Как будто этот проклятый Гутенберг облизал своим медным языком всех писателей, и они все обездушились «в печати», потеряли лицо, характер, мое «я» только в рукописях, да «я» и всякого писателя. Должно быть, по этой причине я питаю суеверный страх рвать письма, тетради (даже детские), рукописи – и ничего не рву: сохранил, до единого, все письма товарищей-гимназистов; с жалостью, за величиной вороха, рву только свое, – с болью и лишь иногда.
Шумит ветер в полночь и несет листы… Так и жизнь в быстротечном времени срывает с души нашей восклицания, вздохи, полумысли, полу-чувства… Которые, будучи звуковыми обрывками, имеют ту значительность, что «сошли» прямо с души, без переработки, без цели, без преднамеренья – без всего постороннего… Просто – «душа живет»… то есть «жила», «дохнула»… С давнего времени мне эти «нечаянные восклицания» почему-то нравились. Собственно, они текут в нас непрерывно, но их не успеваешь (нет бумаги под рукой) заносить, – и они умирают. Потом ни за что не припомнишь. Однако кое-что я успевал заносить на бумагу. Записанное все накапливалось. И вот я решил эти опавшие листья собрать.
В мысль проституции, – «против которой все бессильны бороться», бесспорно входит: «я принадлежу всем»: т. е. то, что входит в мысль писателя, оратора, адвоката – чиновника «к услугам государства»
Этому «Ездре» я утер бы нос костромским платком. Не смел расторгать браков. Не по Богу. Семя Израиля приняли; и «отторгаться мне от лона с моим семенем» – значит детоубийствовать.
замечаю, что я ничего не слышу, что читают и поют, – не слушаю. А пришел с намерением слушать и умилиться. Тогда я подумал: «Точно я иностранец – во всяком месте, во всяком часе, где бы ни был, когда бы ни был». Все мне чуждо, и какой-то странной, на роду написанной, отчужденностью. Что бы я ни делал, кого бы ни видел – не могу ни с чем слиться. «Не совокупляющийся человек» – духовно. Человек «solo».
Хотел ли бы я быть только хорошим? Было бы скучно. Но чего я ни за что не хотел бы – это быть злым, вредительным. Тут я предпочел бы умереть. Но я был в жизни всегда ужасно неуклюжий. Во мне есть ужасное уродство поведения, до неумения «встать» и «сесть». Просто не знаю, как. И не понимаю, где лучше (сесть, встать, заговорить). Никакого сознания горизонтов. От этого в жизни чем больше я приближался к людям – становился все неудобнее им, жизнь их становилась от моего приближения неудобнее. И от меня очень многие и притом чрезвычайно страдали: без всякой моей воли. Это – рок.

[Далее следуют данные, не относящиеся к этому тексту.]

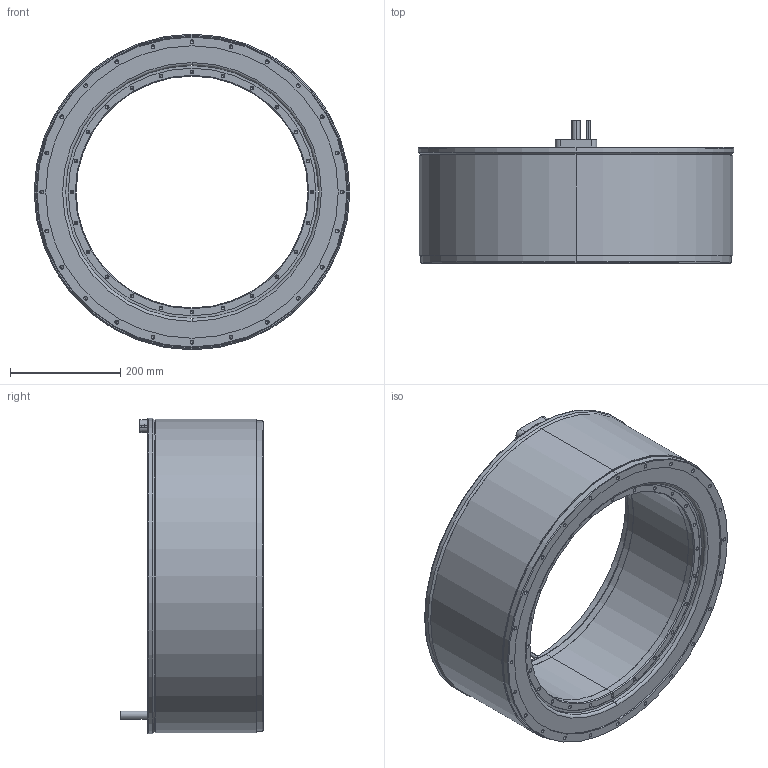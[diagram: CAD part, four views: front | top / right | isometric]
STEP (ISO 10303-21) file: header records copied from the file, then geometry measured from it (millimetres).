
FILE_DESCRIPTION (( 'STEP AP203' ), '1' );
FILE_NAME ('TM-2-GH-PD0(J0).STEP', '2023-06-06T04:00:09', ( '' ), ( '' ), 'SwSTEP 2.0', 'SolidWorks 2015', '' );
FILE_SCHEMA (( 'CONFIG_CONTROL_DESIGN' ));
Length unit declared in the file: millimetre
Products named in the file (3): TM-2-GH-PD0(J0)_Stator; TM-2-GH-PD0(J0); TM-2-GH(J0)_Rotor
Assembly tree (2 placements, depth 2):
  TM-2-GH-PD0(J0)
    TM-2-GH-PD0(J0)_Stator
    TM-2-GH(J0)_Rotor
Bounding box: 572 x 259 x 572 mm (x, y, z)
Volume: 22609609.8 mm3; surface area: 1431328.1 mm2
Topology: 2 solids, 2 shells, 523 faces, 1266 edges, 670 vertices
Faces by surface type: cylinder 248, cone 216, plane 51, torus 8
Entity records: 14111 total; most frequent: DIRECTION 2660, CARTESIAN_POINT 2268, ORIENTED_EDGE 2140, EDGE_CURVE 1070, AXIS2_PLACEMENT_3D 1062, VERTEX_POINT 670, EDGE_LOOP 646, VECTOR 536
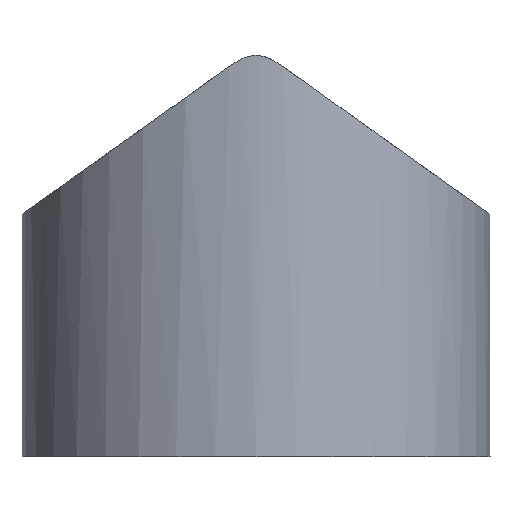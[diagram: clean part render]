
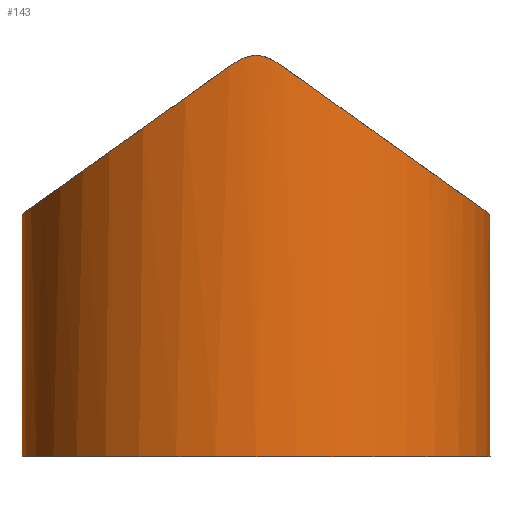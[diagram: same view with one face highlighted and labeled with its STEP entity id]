
A CAD part, left-side view. The second image highlights one B-rep face of the part: STEP entity #143.
In plain terms, the highlighted cylindrical face has radius 4.445 mm (diameter 8.89 mm), a full revolution.
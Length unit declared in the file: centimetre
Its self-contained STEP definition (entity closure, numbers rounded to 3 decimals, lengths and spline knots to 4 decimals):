
#34=CIRCLE('',#150,0.4445);
#35=CYLINDRICAL_SURFACE('',#149,0.4445);
#36=B_SPLINE_CURVE_WITH_KNOTS('',3,(#183,#184,#185,#186,#187,#188),.UNSPECIFIED.,
 .F.,.U.,(4,2,4),(0.,0.0167,0.0335),.UNSPECIFIED.);
#37=B_SPLINE_CURVE_WITH_KNOTS('',3,(#193,#194,#195,#196,#197,#198,#199,#200),
 .UNSPECIFIED.,.F.,.U.,(4,2,2,4),(0.,0.0073,0.0204,
0.0335),.UNSPECIFIED.);
#38=B_SPLINE_CURVE_WITH_KNOTS('',3,(#211,#212,#213,#214,#215,#216),.UNSPECIFIED.,
 .F.,.U.,(4,2,4),(0.,0.0107,0.0215),.UNSPECIFIED.);
#39=B_SPLINE_CURVE_WITH_KNOTS('',3,(#217,#218,#219,#220,#221,#222),.UNSPECIFIED.,
 .F.,.U.,(4,2,4),(0.,0.0047,0.0215),.UNSPECIFIED.);
#40=B_SPLINE_CURVE_WITH_KNOTS('',3,(#236,#237,#238,#239,#240,#241),.UNSPECIFIED.,
 .F.,.U.,(4,2,4),(0.,0.0108,0.0215),.UNSPECIFIED.);
#41=B_SPLINE_CURVE_WITH_KNOTS('',3,(#243,#244,#245,#246,#247,#248),.UNSPECIFIED.,
 .F.,.U.,(4,2,4),(0.,0.0047,0.0215),.UNSPECIFIED.);
#42=B_SPLINE_CURVE_WITH_KNOTS('',3,(#261,#262,#263,#264,#265,#266),.UNSPECIFIED.,
 .F.,.U.,(4,2,4),(0.,0.0167,0.0334),.UNSPECIFIED.);
#43=B_SPLINE_CURVE_WITH_KNOTS('',3,(#267,#268,#269,#270,#271,#272),.UNSPECIFIED.,
 .F.,.U.,(4,2,4),(0.,0.0074,0.0355),.UNSPECIFIED.);
#58=VERTEX_POINT('',#170);
#59=VERTEX_POINT('',#171);
#60=VERTEX_POINT('',#189);
#61=VERTEX_POINT('',#190);
#62=VERTEX_POINT('',#192);
#63=VERTEX_POINT('',#201);
#64=VERTEX_POINT('',#225);
#65=VERTEX_POINT('',#226);
#66=VERTEX_POINT('',#242);
#67=VERTEX_POINT('',#249);
#68=VERTEX_POINT('',#275);
#69=ELLIPSE('',#146,0.5462,0.4445);
#70=ELLIPSE('',#148,0.5462,0.4445);
#71=EDGE_CURVE('',#58,#59,#69,.T.);
#73=EDGE_CURVE('',#60,#61,#36,.T.);
#75=EDGE_CURVE('',#63,#62,#37,.T.);
#77=EDGE_CURVE('',#61,#58,#38,.T.);
#78=EDGE_CURVE('',#59,#63,#39,.T.);
#79=EDGE_CURVE('',#64,#65,#70,.T.);
#81=EDGE_CURVE('',#65,#66,#40,.T.);
#82=EDGE_CURVE('',#67,#64,#41,.T.);
#84=EDGE_CURVE('',#66,#60,#42,.T.);
#85=EDGE_CURVE('',#62,#67,#43,.T.);
#86=EDGE_CURVE('',#68,#68,#34,.T.);
#107=ORIENTED_EDGE('',*,*,#79,.T.);
#108=ORIENTED_EDGE('',*,*,#81,.T.);
#109=ORIENTED_EDGE('',*,*,#84,.T.);
#110=ORIENTED_EDGE('',*,*,#73,.T.);
#111=ORIENTED_EDGE('',*,*,#77,.T.);
#112=ORIENTED_EDGE('',*,*,#71,.T.);
#113=ORIENTED_EDGE('',*,*,#78,.T.);
#114=ORIENTED_EDGE('',*,*,#75,.T.);
#115=ORIENTED_EDGE('',*,*,#85,.T.);
#116=ORIENTED_EDGE('',*,*,#82,.T.);
#117=ORIENTED_EDGE('',*,*,#86,.T.);
#125=EDGE_LOOP('',(#107,#108,#109,#110,#111,#112,#113,#114,#115,#116));
#126=EDGE_LOOP('',(#117));
#134=FACE_BOUND('',#125,.T.);
#135=FACE_BOUND('',#126,.T.);
#143=ADVANCED_FACE('',(#134,#135),#35,.T.);
#146=AXIS2_PLACEMENT_3D('',#169,#153,#154);
#148=AXIS2_PLACEMENT_3D('',#224,#159,#160);
#149=AXIS2_PLACEMENT_3D('',#273,#163,#164);
#150=AXIS2_PLACEMENT_3D('',#274,#165,#166);
#153=DIRECTION('',(0.,0.581,-0.814));
#154=DIRECTION('',(0.,0.445,0.317));
#159=DIRECTION('',(0.,-0.581,-0.814));
#160=DIRECTION('',(0.,0.445,-0.317));
#163=DIRECTION('',(0.,0.,1.));
#164=DIRECTION('',(0.445,0.,0.));
#165=DIRECTION('',(0.,0.,1.));
#166=DIRECTION('',(0.445,0.,0.));
#169=CARTESIAN_POINT('',(0.,0.,0.7774));
#170=CARTESIAN_POINT('',(0.4417,-0.05,0.7417));
#171=CARTESIAN_POINT('',(-0.4417,-0.05,0.7417));
#183=CARTESIAN_POINT('',(0.4445,0.,0.762));
#184=CARTESIAN_POINT('',(0.4445,-0.0056,0.762));
#185=CARTESIAN_POINT('',(0.4444,-0.0111,0.7611));
#186=CARTESIAN_POINT('',(0.444,-0.0218,0.7579));
#187=CARTESIAN_POINT('',(0.4437,-0.027,0.7556));
#188=CARTESIAN_POINT('',(0.4434,-0.0319,0.753));
#189=CARTESIAN_POINT('',(0.4445,0.,0.762));
#190=CARTESIAN_POINT('',(0.4434,-0.0319,0.753));
#192=CARTESIAN_POINT('',(-0.4445,0.,0.762));
#193=CARTESIAN_POINT('',(-0.4434,-0.0319,0.753));
#194=CARTESIAN_POINT('',(-0.4435,-0.0297,0.7542));
#195=CARTESIAN_POINT('',(-0.4437,-0.0275,0.7552));
#196=CARTESIAN_POINT('',(-0.444,-0.0213,0.758));
#197=CARTESIAN_POINT('',(-0.4442,-0.0172,0.7594));
#198=CARTESIAN_POINT('',(-0.4444,-0.0087,0.7614));
#199=CARTESIAN_POINT('',(-0.4445,-0.0044,0.762));
#200=CARTESIAN_POINT('',(-0.4445,0.,0.762));
#201=CARTESIAN_POINT('',(-0.4434,-0.0319,0.753));
#211=CARTESIAN_POINT('',(0.4434,-0.0319,0.753));
#212=CARTESIAN_POINT('',(0.4431,-0.035,0.7514));
#213=CARTESIAN_POINT('',(0.4429,-0.0381,0.7496));
#214=CARTESIAN_POINT('',(0.4423,-0.0442,0.7458));
#215=CARTESIAN_POINT('',(0.442,-0.0471,0.7438));
#216=CARTESIAN_POINT('',(0.4417,-0.05,0.7417));
#217=CARTESIAN_POINT('',(-0.4417,-0.05,0.7417));
#218=CARTESIAN_POINT('',(-0.4418,-0.0488,0.7426));
#219=CARTESIAN_POINT('',(-0.442,-0.0475,0.7435));
#220=CARTESIAN_POINT('',(-0.4426,-0.0416,0.7475));
#221=CARTESIAN_POINT('',(-0.443,-0.0368,0.7504));
#222=CARTESIAN_POINT('',(-0.4434,-0.0319,0.753));
#224=CARTESIAN_POINT('',(0.,0.,0.7774));
#225=CARTESIAN_POINT('',(-0.4417,0.05,0.7417));
#226=CARTESIAN_POINT('',(0.4417,0.05,0.7417));
#236=CARTESIAN_POINT('',(0.4417,0.05,0.7417));
#237=CARTESIAN_POINT('',(0.442,0.0471,0.7438));
#238=CARTESIAN_POINT('',(0.4423,0.0442,0.7458));
#239=CARTESIAN_POINT('',(0.4429,0.0381,0.7496));
#240=CARTESIAN_POINT('',(0.4431,0.035,0.7514));
#241=CARTESIAN_POINT('',(0.4434,0.0319,0.753));
#242=CARTESIAN_POINT('',(0.4434,0.0319,0.753));
#243=CARTESIAN_POINT('',(-0.4434,0.0319,0.753));
#244=CARTESIAN_POINT('',(-0.4433,0.0333,0.7523));
#245=CARTESIAN_POINT('',(-0.4432,0.0346,0.7515));
#246=CARTESIAN_POINT('',(-0.4426,0.0408,0.748));
#247=CARTESIAN_POINT('',(-0.4422,0.0455,0.745));
#248=CARTESIAN_POINT('',(-0.4417,0.05,0.7417));
#249=CARTESIAN_POINT('',(-0.4434,0.0319,0.753));
#261=CARTESIAN_POINT('',(0.4434,0.0319,0.753));
#262=CARTESIAN_POINT('',(0.4437,0.027,0.7556));
#263=CARTESIAN_POINT('',(0.444,0.0218,0.7579));
#264=CARTESIAN_POINT('',(0.4444,0.0111,0.7611));
#265=CARTESIAN_POINT('',(0.4445,0.0056,0.762));
#266=CARTESIAN_POINT('',(0.4445,0.,0.762));
#267=CARTESIAN_POINT('',(-0.4445,0.,0.762));
#268=CARTESIAN_POINT('',(-0.4445,0.0025,0.762));
#269=CARTESIAN_POINT('',(-0.4445,0.0049,0.7618));
#270=CARTESIAN_POINT('',(-0.4443,0.0166,0.7602));
#271=CARTESIAN_POINT('',(-0.4439,0.0249,0.7567));
#272=CARTESIAN_POINT('',(-0.4434,0.0319,0.753));
#273=CARTESIAN_POINT('',(0.,0.,0.));
#274=CARTESIAN_POINT('',(0.,0.,0.));
#275=CARTESIAN_POINT('',(0.4445,0.,0.));

Мне кажется, Толстого мало любили, и он это чувствовал. Около него не раздалось, при смерти, и даже при жизни, ни одного «мучительного крика вдруг», ни того «сумасшедшего поступка», по которым мы распознаем настоящую привязанность. «Все было в высшей степени благоразумно»; и это есть именно печать пошлости.